Before you get carried away, though, let’s take a look at a few questions you might have forgotten to ask yourself in the excitement of getting a new card.

Why am I getting a credit card?

If you’ve never had a credit card before and were able to pay your bills and buy your necessities without problems, you probably shouldn’t have a credit card in the first place. The only reason you should own one is because you need it.

A good reason to own a credit card is for emergencies — and we’re not talking about shoes on sale here. Another good reason is if you want to make big-ticket purchases that are otherwise impossible to do with cash, like a powerful laptop or home appliances that you can pay on installment.

How much will it cost me?

You may have been drawn in by the promise of a zero annual percentage rate (APR) when you signed up for a credit card. It’s probably a good idea to call your bank representative and ask if it was just an introductory rate, how long it will last, and how much the regular APR is, because that’s the rate you’ll have to live with for the rest of your card’s existence, once the promotional offer ends.

Also ask how much the annual membership fee is and if this can be waived occasionally, plus how much you’ll have to pay in late fees, just in case.

Could I have gotten a better card?

It only makes sense not to take the first card that your bank offers to give you. Again, this is a business, and they’ll want to earn as much money from each client as possible. It’s likely that you’re being offered a card with high interest rates and high annual fees.

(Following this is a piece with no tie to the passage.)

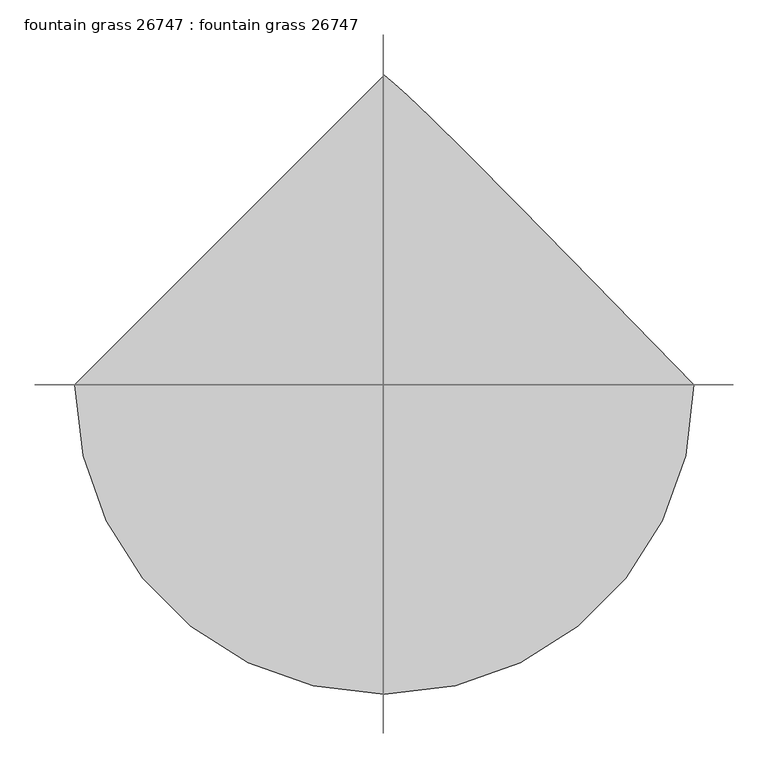
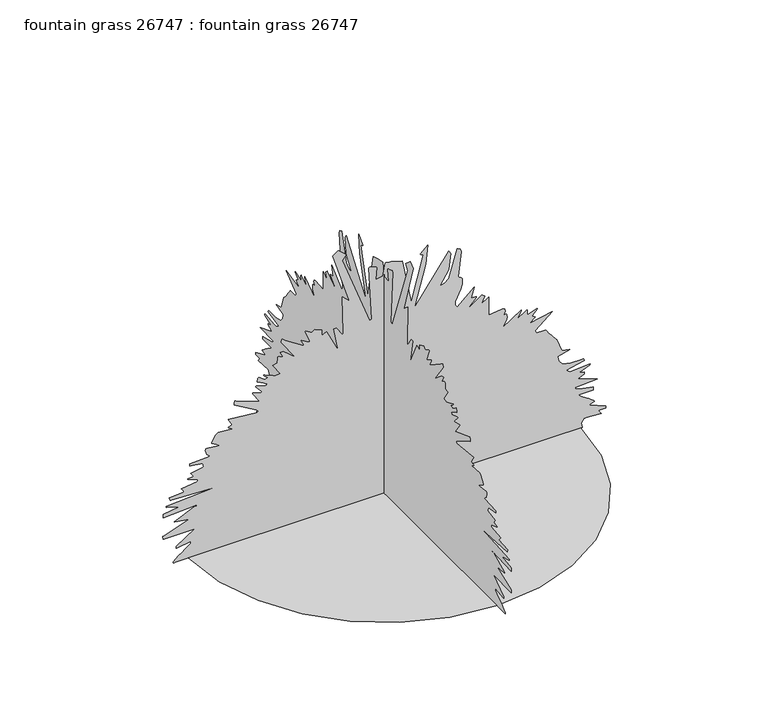
"""IFC4 building model written with IfcOpenShell, lengths in millimetres: proxy geometry, fountain grass 26747 : fountain grass 26747."""

from ifc_helpers import new_model, si_unit, origin, place, context, project, spatial, triangles, source, transform, mapped, element, save


def fountain_grass_26747_fountain_grass_26747_87ae7408(model_context):
    return source(origin(), model_context, "Body", "Tessellation", [
        triangles([(-987.0455658, 0.0, 0.0001807), (-960.952173, -226.1654466, 0.0001807), (-886.6343983, -433.862035, 0.0001807), (-770.0484913, -617.1406734, 0.0001807), (-617.1406734, -770.0484913, 0.0001807), (-433.862035, -886.6343983, 0.0001807), (-226.1654466, -960.952173, 0.0001807), (4.31e-05, -987.0455658, 0.0001807), (226.1657009, -960.952173, 0.0001807), (433.862035, -886.6343983, 0.0001807), (617.1406734, -770.0484913, 0.0001807), (770.0484913, -617.1406734, 0.0001807), (886.6343983, -433.862035, 0.0001807), (960.952173, -226.1654466, 0.0001807), (987.0455658, 8.63e-05, 0.0001807), (666.2769184, 329.0287173, 0.0001807), (428.4772619, 571.2784656, 0.0001807), (259.8137924, 741.2118793, 0.0001807), (146.4631077, 853.2918114, 0.0001807), (74.5956602, 921.9810053, 0.0001807), (30.3837036, 961.7446392, 0.0001807), (-0.0001294, 987.0455658, 0.0001807), (-192.732222, -8.8e-06, 1335.7745705), (-213.2038286, -7.2e-06, 1310.1839813), (-75.0206025, 1.47e-05, 941.6939009), (-74.0421966, 1.47e-05, 941.9784039), (-72.5994794, 1.47e-05, 942.7098999), (-70.8743122, 1.46e-05, 943.7080948), (-69.0480519, 1.45e-05, 944.7977812), (-67.3038361, 1.45e-05, 945.7985195), (-65.8220043, 1.44e-05, 946.5300882), (-64.7846675, 1.44e-05, 946.8119751), (-80.1384406, -2.1e-06, 1223.1789722), (-79.3512975, -2.1e-06, 1223.3695129), (-78.4244554, -2.1e-06, 1223.8850338), (-77.4526488, -2.1e-06, 1224.6394936), (-76.5311389, -2.2e-06, 1225.5436535), (-75.2199908, -2.3e-06, 1227.4587982), (-75.0206025, -2.4e-06, 1228.2971191), (-39.1952093, -1.4e-06, 1212.9427511), (-44.3130519, 2.2e-06, 1151.5281858), (-8.4877319, 1.9e-06, 1156.6462601), (4.7327266, -1.8e-06, 1221.0427654), (6.8660195, -2.1e-06, 1223.1789722), (43.5436857, -1.6e-06, 1215.9958351), (88.7523407, -8e-07, 1202.7066027), (134.8136643, 1.32e-05, 967.2843447), (196.2285203, -5e-07, 1197.5909992), (183.550624, -1e-06, 1203.2526449), (181.3428736, -1.1e-06, 1205.4269308), (180.8747518, -1.1e-06, 1207.8246769), (216.700145, -3.3e-06, 1243.6512691), (206.4644507, 2.5e-06, 1146.4100389), (150.1674419, 1.53e-05, 931.4576797), (324.1773419, -3.2e-06, 1172.2011972), (334.4109833, -2.3e-06, 1156.8469019), (324.1773419, 2.6e-06, 1074.959967), (278.1144741, 6.8e-06, 1003.3091806), (303.186799, 6.4e-06, 1010.2737991), (322.3333048, 5.3e-06, 1028.8183794), (365.1195376, -3.2e-06, 1172.2011972), (380.7405318, -2.8e-06, 1165.3635332), (386.8136713, -1.8e-06, 1149.1050053), (371.0377447, 5.8e-06, 1020.4236883), (372.5033166, 6e-06, 1017.0835579), (375.3150999, 6.2e-06, 1014.6375589), (378.9295232, 6.3e-06, 1012.7299719), (382.8157322, 6.4e-06, 1011.0028244), (386.4301191, 6.5e-06, 1009.0952374), (389.2419024, 6.6e-06, 1006.6492384), (390.7100178, 6.8e-06, 1003.3091806), (390.8116467, 8.5e-06, 974.9780611), (383.7479064, 1e-05, 950.4898756), (355.0433722, 1.34e-05, 892.7557543), (354.7944775, 1.44e-05, 876.299128), (365.1195376, 1.54e-05, 860.0101513), (452.1246194, 1.08e-05, 936.7764685), (436.7703604, 1.39e-05, 885.5980516), (437.4358357, 1.38e-05, 884.2035873), (460.8495229, 1.41e-05, 882.1284233), (462.3608042, 1.42e-05, 880.4799774), (460.8800079, 1.46e-05, 876.8274387), (425.4318083, 1.61e-05, 841.6561117), (426.5341393, 1.66e-05, 839.537709), (430.7911832, 1.6e-05, 840.3353348), (487.9487409, 1.42e-05, 880.4799774), (489.1120783, 1.43e-05, 881.361319), (491.0831062, 1.43e-05, 880.6425402), (503.3030362, 1.48e-05, 870.2437563), (487.9487409, 1.69e-05, 834.4196348), (523.7754058, 1.54e-05, 860.0101513), (523.7754058, 2.12e-05, 762.7688484), (593.7116893, 2.08e-05, 769.8782982), (604.2222033, 2.1e-05, 765.8219324), (607.2778307, 2.16e-05, 755.5679798), (600.5443027, 2.27e-05, 737.1784046), (610.7779804, 2.27e-05, 737.1784046), (611.8422323, 2.27e-05, 736.5230667), (614.1129513, 2.29e-05, 734.0897123), (616.2186367, 2.32e-05, 729.1722799), (616.7773962, 2.37e-05, 721.0722656), (614.4152584, 2.44e-05, 709.086006), (595.4261922, 2.67e-05, 670.6456924), (687.546841, 2.3e-05, 732.0602577), (687.8186268, 2.35e-05, 728.1842588), (667.0770149, 2.55e-05, 691.118062), (716.0887762, 2.38e-05, 722.0933516), (718.2554317, 2.36e-05, 721.8266527), (719.3450455, 2.39e-05, 719.0986942), (717.5061316, 2.5e-05, 697.6534916), (718.2554317, 2.51e-05, 696.2361362), (720.4347319, 2.49e-05, 695.6976517), (766.5382404, 2.45e-05, 712.7029364), (769.4337759, 2.42e-05, 711.5904316), (768.6387663, 2.44e-05, 709.4415802), (744.2522461, 2.59e-05, 683.2440514), (743.8433321, 2.61e-05, 680.8819136), (759.1976274, 2.67e-05, 670.6456924), (728.4915802, 2.82e-05, 645.0577194), (845.0825741, 2.67e-05, 669.6881201), (759.1976274, 3.09e-05, 598.994906), (764.3157017, 3.19e-05, 583.6431541), (810.3760443, 3.19e-05, 583.6431541), (812.6900019, 3.21e-05, 579.4623047), (818.8519804, 3.26e-05, 570.8923699), (827.7013676, 3.33e-05, 559.353176), (838.0696301, 3.41e-05, 546.269636), (848.7985537, 3.49e-05, 533.064192), (858.7223665, 3.56e-05, 521.1643006), (866.6750788, 3.61e-05, 511.9923677), (892.2629791, 4.01e-05, 445.4596919), (933.2077909, 4.07e-05, 435.2234708), (871.793153, 4.16e-05, 419.8692118), (876.9112272, 4.31e-05, 394.2787316), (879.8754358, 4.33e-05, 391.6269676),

It’s recommended that you shop around and see if you can find a credit card that offers lower fees and a higher credit limit. It’s best to compare the rewards programs, too—a provider might have a very attractive miles system, but if you hardly ever travel, then this might be useless to you. You might be better off with a good cash back program.

Am I protected?

You may do everything you can to avoid getting your card details stolen and used without your approval, but thieves are constantly finding ways to up their game. Now is the time to ask your bank to see if your card comes with fraud protection. Some cards will allow you to not pay for charges that you report as fraudulent until a thorough investigation has been conducted.

What will happen if I fall behind on payments?

It’s uncomfortable to contemplate, and you probably think it won’t happen to you. However, no matter how responsible you are, something unexpected can set you back financially.

When this happens, banks offer programs that let you pay back your debt on terms that are more manageable. They can give you lower interest rates and low monthly payments.

It pays to know what resources you can fall back on in case the worst happens, instead of having to scramble for it when you’re already stressed with debt.

Make sure to ask yourself these questions first before you apply for a credit card and never have to worry a day in your life about keeping up with debt or wasting money on interest payments.